Deep learning based detection technique for FSO communication systems

Abstract

One of the main barriers in front of Free Space Optical (FSO) communication systems is the atmospheric turbulence induced fading. Theoretically, the Maximum Likelihood (ML) detector is the optimum detector. The ML detector requires Channel State Information (CSI), which can be provided in perfect or blind forms. The perfect CSI ML detector requires pilot transmission for channel estimation, which increases the complexity and reduces the data rate The blind CSI ML detector uses blind channel estimation, which leads to performance degradation. In this paper, for the first time, an efficient and low complexity deep learning based detector is presented for FSO system. The proposed deep learning based detector does not require CSI at all, it feeds the received signal directly into a deep neural network.
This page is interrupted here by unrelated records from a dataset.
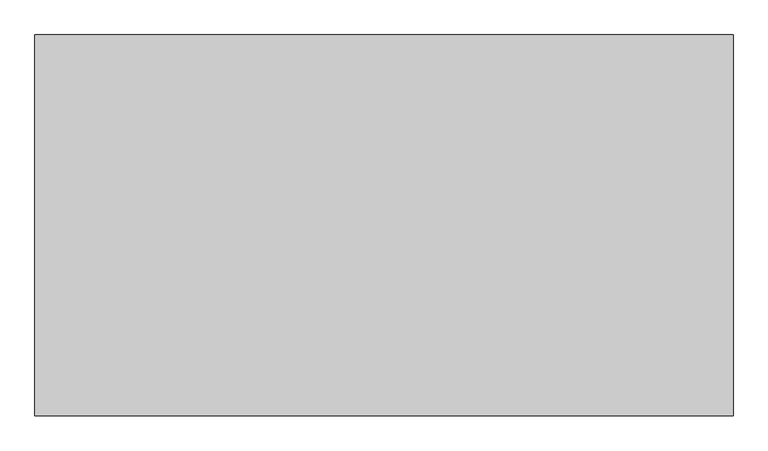
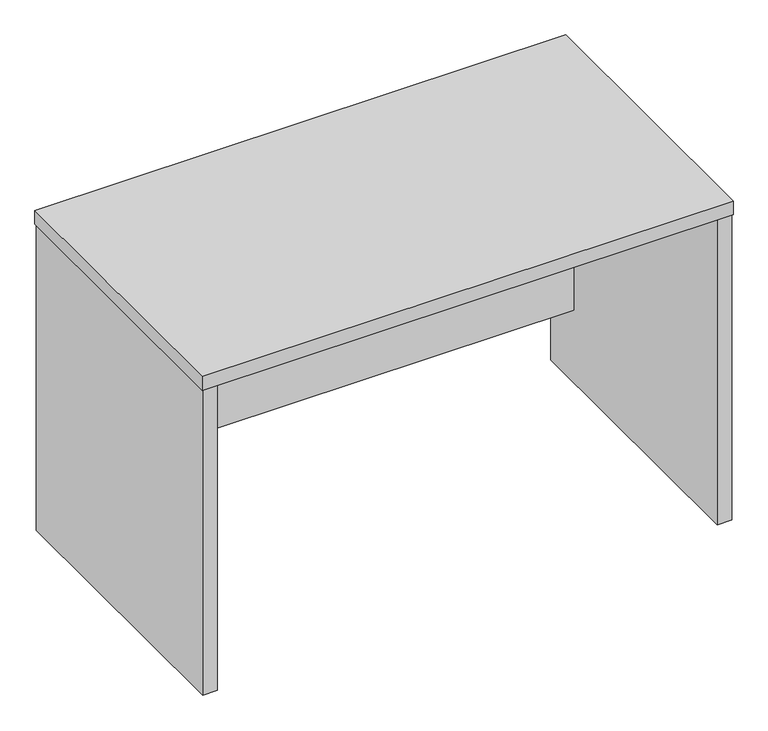
"""IFC4 building model written with IfcOpenShell, lengths in millimetres: furniture geometry, GEL-Table-一般オフィスデスク : GEL-Table-一般オフィスデスク."""

import ifcopenshell
import ifcopenshell.guid

model = None  # the IFC model being written
_history = None  # IfcOwnerHistory: only IFC2X3 demands one
_inside = {}  # id of a spatial element -> (the spatial element, [elements in it])
_under = {}  # id of a project, library or spatial element -> (it, [spatial elements below it])
_declared = {}  # id of a project -> (the project, [libraries it declares])
_typed = {}  # id of a type object -> (the type object, [elements of that type])
_made_of = {}  # id of a material, layer set ... -> (it, [elements and type objects made of it])


def new_model(schema):
    """Start an empty IFC model of exactly this schema.

    Asked for "IFC4X3", IfcOpenShell would pick the latest addendum, in which some entities
    have other attributes; the version numbers below select the first issue.
    IFC2X3 requires an IfcOwnerHistory on every rooted entity: one is made here for all.
    """
    global model, _history
    if schema == "IFC4X3":
        model = ifcopenshell.file(schema_version=(4, 3, 0, 0))
    else:
        model = ifcopenshell.file(schema=schema)
    _inside.clear()
    _under.clear()
    _declared.clear()
    _typed.clear()
    _made_of.clear()
    _history = None
    if model.schema == "IFC2X3":
        org = make("IfcOrganization", Name="unknown")
        user = make(
            "IfcPersonAndOrganization",
            ThePerson=make("IfcPerson", FamilyName="unknown"),
            TheOrganization=org,
        )
        app = make(
            "IfcApplication",
            ApplicationDeveloper=org,
            Version="unknown",
            ApplicationFullName="unknown",
            ApplicationIdentifier="unknown",
        )
        _history = make(
            "IfcOwnerHistory",
            OwningUser=user,
            OwningApplication=app,
            ChangeAction="ADDED",
            CreationDate=0,
        )
    return model


def make(cls, **values):
    """One entity of the class cls with the attributes given. An attribute that is None is left unset."""
    return model.create_entity(
        cls, **{name: value for name, value in values.items() if value is not None}
    )


def rooted(cls, **values):
    """An entity with a GlobalId (a new one), such as an element, a storey or a relation."""
    return make(cls, GlobalId=ifcopenshell.guid.new(), OwnerHistory=_history, **values)


def si_unit(unit_type, name, prefix=None):
    """IfcSIUnit, for example si_unit("LENGTHUNIT", "METRE", prefix="MILLI")."""
    return make("IfcSIUnit", UnitType=unit_type, Prefix=prefix, Name=name)


def assignment(units):
    """IfcUnitAssignment: the units of a project."""
    return None if units is None else make("IfcUnitAssignment", Units=units)


def point(xyz):
    """IfcCartesianPoint."""
    return None if xyz is None else make("IfcCartesianPoint", Coordinates=xyz)


def direction(xyz):
    """IfcDirection."""
    return None if xyz is None else make("IfcDirection", DirectionRatios=xyz)


def frame(location, z_axis=None, x_axis=None):
    """IfcAxis2Placement3D, a coordinate frame: its origin and axes. An axis left out is left unset."""
    return make(
        "IfcAxis2Placement3D",
        Location=point(location),
        Axis=direction(z_axis),
        RefDirection=direction(x_axis),
    )


def origin():
    """The frame at (0, 0, 0) with its axes left unset."""
    return frame((0.0, 0.0, 0.0))


def origin_with_axes():
    """The frame at (0, 0, 0) with the z axis (0, 0, 1) and the x axis (1, 0, 0) written out."""
    return frame((0.0, 0.0, 0.0), z_axis=(0.0, 0.0, 1.0), x_axis=(1.0, 0.0, 0.0))


def place(relative_to, where):
    """IfcLocalPlacement: puts the frame where relative to a parent placement (None: the world)."""
    return make(
        "IfcLocalPlacement", PlacementRelTo=relative_to, RelativePlacement=where
    )


def context(
    kind, dimensions, precision=None, world=None, true_north=None, identifier=None
):
    """IfcGeometricRepresentationContext, for example the 3D "Model" context."""
    return make(
        "IfcGeometricRepresentationContext",
        ContextIdentifier=identifier,
        ContextType=kind,
        CoordinateSpaceDimension=dimensions,
        Precision=precision,
        WorldCoordinateSystem=world,
        TrueNorth=true_north,
    )


def project(units=None, contexts=None):
    """IfcProject with its units and contexts."""
    return rooted(
        "IfcProject",
        Name="project",
        RepresentationContexts=contexts,
        UnitsInContext=assignment(units),
    )


def spatial(cls, under=None, at=None, **own):
    """A site, building, storey or space (cls), placed at a placement, below another one or the project."""
    s = rooted(cls, ObjectPlacement=at, **own)
    if under is not None:
        _under.setdefault(under.id(), (under, []))[1].append(s)
    return s


def polyline(points):
    """IfcPolyline through the points."""
    return make("IfcPolyline", Points=[point(p) for p in points])


def outline(outer, holes=None, kind="AREA"):
    """IfcArbitraryClosedProfileDef: a profile drawn as a closed curve; with holes, ...WithVoids."""
    if holes is None:
        return make("IfcArbitraryClosedProfileDef", ProfileType=kind, OuterCurve=outer)
    return make(
        "IfcArbitraryProfileDefWithVoids",
        ProfileType=kind,
        OuterCurve=outer,
        InnerCurves=holes,
    )


def extrude(swept, where, along, depth):
    """IfcExtrudedAreaSolid: the profile swept, set in the frame where, extruded along a direction by depth."""
    return make(
        "IfcExtrudedAreaSolid",
        SweptArea=swept,
        Position=where,
        ExtrudedDirection=direction(along),
        Depth=depth,
    )


def shape(context_of_items, identifier, shape_type, items):
    """IfcShapeRepresentation: the items that make up one representation, for example the "Body"."""
    return make(
        "IfcShapeRepresentation",
        ContextOfItems=context_of_items,
        RepresentationIdentifier=identifier,
        RepresentationType=shape_type,
        Items=items,
    )


def source(mapping_origin, context_of_items, identifier, shape_type, items):
    """IfcRepresentationMap: a shape defined once, which mapped items show again and again."""
    return make(
        "IfcRepresentationMap",
        MappingOrigin=mapping_origin,
        MappedRepresentation=shape(context_of_items, identifier, shape_type, items),
    )


def transform(
    local_origin,
    x_axis=None,
    y_axis=None,
    z_axis=None,
    scale=None,
    scale2=None,
    scale3=None,
    uniform=True,
):
    """IfcCartesianTransformationOperator3D, or its non-uniform kind. x_axis, y_axis, z_axis: its Axis1, 2, 3."""
    if uniform:
        return make(
            "IfcCartesianTransformationOperator3D",
            Axis1=direction(x_axis),
            Axis2=direction(y_axis),
            LocalOrigin=point(local_origin),
            Scale=scale,
            Axis3=direction(z_axis),
        )
    return make(
        "IfcCartesianTransformationOperator3DnonUniform",
        Axis1=direction(x_axis),
        Axis2=direction(y_axis),
        LocalOrigin=point(local_origin),
        Scale=scale,
        Axis3=direction(z_axis),
        Scale2=scale2,
        Scale3=scale3,
    )


def mapped(mapping_source, mapping_target):
    """IfcMappedItem: shows the shape of a source again, moved by a transform."""
    return make(
        "IfcMappedItem", MappingSource=mapping_source, MappingTarget=mapping_target
    )


def made_of(thing, what):
    """Note that an element or type object is made of a material, layer set ...; save() writes the relation."""
    if what is not None:
        _made_of.setdefault(what.id(), (what, []))[1].append(thing)
    return thing


def element(
    cls,
    number,
    at=None,
    inside=None,
    cuts=None,
    type_object=None,
    material=None,
    context=None,
    identifier="Body",
    shape_type=None,
    held_by="IfcProductDefinitionShape",
    body=None,
    shapes=None,
    **own,
):
    """One element of the class cls, such as IfcWall. Its Tag is "e" and its number.

    at: its placement. inside: the storey or other place that contains it. cuts: it is an
    opening in that element (IfcRelVoidsElement). A single representation is given by context,
    identifier, shape_type and body (its items); several are given by shapes. held_by: the class
    of the entity that holds the representations. save() writes the other relations.
    """
    e = rooted(cls, Tag="e%d" % number, ObjectPlacement=at, **own)
    if body is not None:
        shapes = [shape(context, identifier, shape_type, body)]
    if shapes is not None:
        e.Representation = make(held_by, Representations=shapes)
    if inside is not None:
        _inside.setdefault(inside.id(), (inside, []))[1].append(e)
    if cuts is not None:
        rooted(
            "IfcRelVoidsElement", RelatingBuildingElement=cuts, RelatedOpeningElement=e
        )
    if type_object is not None:
        _typed.setdefault(type_object.id(), (type_object, []))[1].append(e)
    return made_of(e, material)


def aggregate(whole, parts):
    """IfcRelAggregates: a whole, such as a stair, and the parts it consists of."""
    return rooted("IfcRelAggregates", RelatingObject=whole, RelatedObjects=parts)


def save(model, path):
    """Write the relations noted so far, then the file.

    IfcRelAggregates (storeys below a building ...), IfcRelContainedInSpatialStructure (elements
    in a storey), IfcRelDefinesByType, IfcRelAssociatesMaterial and IfcRelDeclares: one each for
    every whole, place, type object, material and project.
    """
    for whole, parts in _under.values():
        aggregate(whole, parts)
    for where, things in _inside.values():
        rooted(
            "IfcRelContainedInSpatialStructure",
            RelatedElements=things,
            RelatingStructure=where,
        )
    for kind, things in _typed.values():
        rooted("IfcRelDefinesByType", RelatedObjects=things, RelatingType=kind)
    for what, things in _made_of.values():
        rooted("IfcRelAssociatesMaterial", RelatedObjects=things, RelatingMaterial=what)
    for by, libraries in _declared.values():
        rooted("IfcRelDeclares", RelatingContext=by, RelatedDefinitions=libraries)
    model.write(path)


def furniture_45d6af98(model_context):
    return source(origin(), model_context, "Body", "SweptSolid", [
        extrude(outline(polyline([(-518.0, 217.0), (-518.0, 247.0), (518.0, 247.0), (518.0, 217.0), (-518.0, 217.0)])), frame((0.0, 0.0, 160.0), z_axis=(0.0, 0.0, 1.0), x_axis=(1.0, 0.0, 0.0)), (0.0, 0.0, 1.0), 510.0),
        extrude(outline(polyline([(518.0, -296.0), (518.0, 300.0), (548.0, 300.0), (548.0, -296.0), (518.0, -296.0)])), origin_with_axes(), (0.0, 0.0, 1.0), 670.0),
        extrude(outline(polyline([(-548.0, -296.0), (-548.0, 300.0), (-518.0, 300.0), (-518.0, -296.0), (-548.0, -296.0)])), origin_with_axes(), (0.0, 0.0, 1.0), 670.0),
        extrude(outline(polyline([(-550.0, -298.0), (-550.0, 302.0), (550.0, 302.0), (550.0, -298.0), (-550.0, -298.0)])), frame((0.0, 0.0, 670.0), z_axis=(0.0, 0.0, 1.0), x_axis=(1.0, 0.0, 0.0)), (0.0, 0.0, 1.0), 30.0),
    ])


if __name__ == "__main__":
    model = new_model("IFC4")
    model_context = context("Model", 3, world=origin())
    ifc_project = project(units=[si_unit("LENGTHUNIT", "METRE", prefix="MILLI")], contexts=[model_context])
    site = spatial("IfcSite", under=ifc_project)
    building = spatial("IfcBuilding", under=site)
    placement = place(None, origin())
    furniture_shape = furniture_45d6af98(model_context)
    element("IfcFurniture", 1, ObjectType="GEL-Table-一般オフィスデスク : GEL-Table-一般オフィスデスク", at=placement, inside=building, context=model_context, shape_type="MappedRepresentation", body=[
        mapped(furniture_shape, transform((0.0, 0.0, 0.0), x_axis=(1.0, 0.0, 0.0), y_axis=(0.0, 1.0, 0.0), z_axis=(0.0, 0.0, 1.0))),
    ])
    save(model, "model.ifc")

# Revit data of these elements
# Type "GEL-Table-一般オフィスデスク : GEL-Table-一般オフィスデスク"
#   GEL-Width = 1100 mm
#   GEL-Height = 700 mm
#   GEL-Depth = 600 mm
#   GEL-Material-Top = Walnut brown polished
#   GEL-Material-Support = Walnut brown polished
#   GEL-Material-Base = none
#   GEL-Material-Accent = none
#   Default Elevation = 0
# Element 1 (IfcFurniture, "GEL-Table-一般オフィスデスク : GEL-Table-一般オフィスデスク")
#   Materials on its faces: "Walnut brown polished"
# Materials
#   "Walnut brown polished": class "一般", colour RGB 103 67 45, transparency 0, Cost = 0

The proposed deep learning based detector is compared with perfect CSI ML detector and blind CSI ML detector. In this paper, log-normal, gamma-gamma, and negative exponential distributions are considered for modeling weak, weak to strong, and saturate atmospheric turbulence regimes, respectively. Results indicate that the performance of proposed deep learning based detector gets close enough to the perfect CSI ML detector, with a significantly lower complexity than the blind CSI ML detector. The proposed detector is almost 80 times faster than blind CSI ML detector. In addition, it does not have an error floor, while one of the main problems of blind CSI ML detector is the error floor. Besides much less complexity, the proposed detector has almost the same performance as blind CSI ML detector at weak atmospheric turbulence regime. The available blind CSI ML detectors are practical only in weak turbulence, because they assume that channel coefficients are constant for the duration of some symbols. However, the proposed deep learning based detector does not consider this assumption, and can be used in all atmospheric turbulence regimes. The performance of the proposed detector degrades when atmospheric turbulence gets stronger. For instance, the performance of the proposed deep learning based detector degrades 7 dB compared with blind CSI ML detector at target bit error rate of 10−3. However, the proposed deep learning based detector outperforms blind CSI ML detector at high signal to noise ratios, because in this range blind CSI ML detector suffers from the error floor.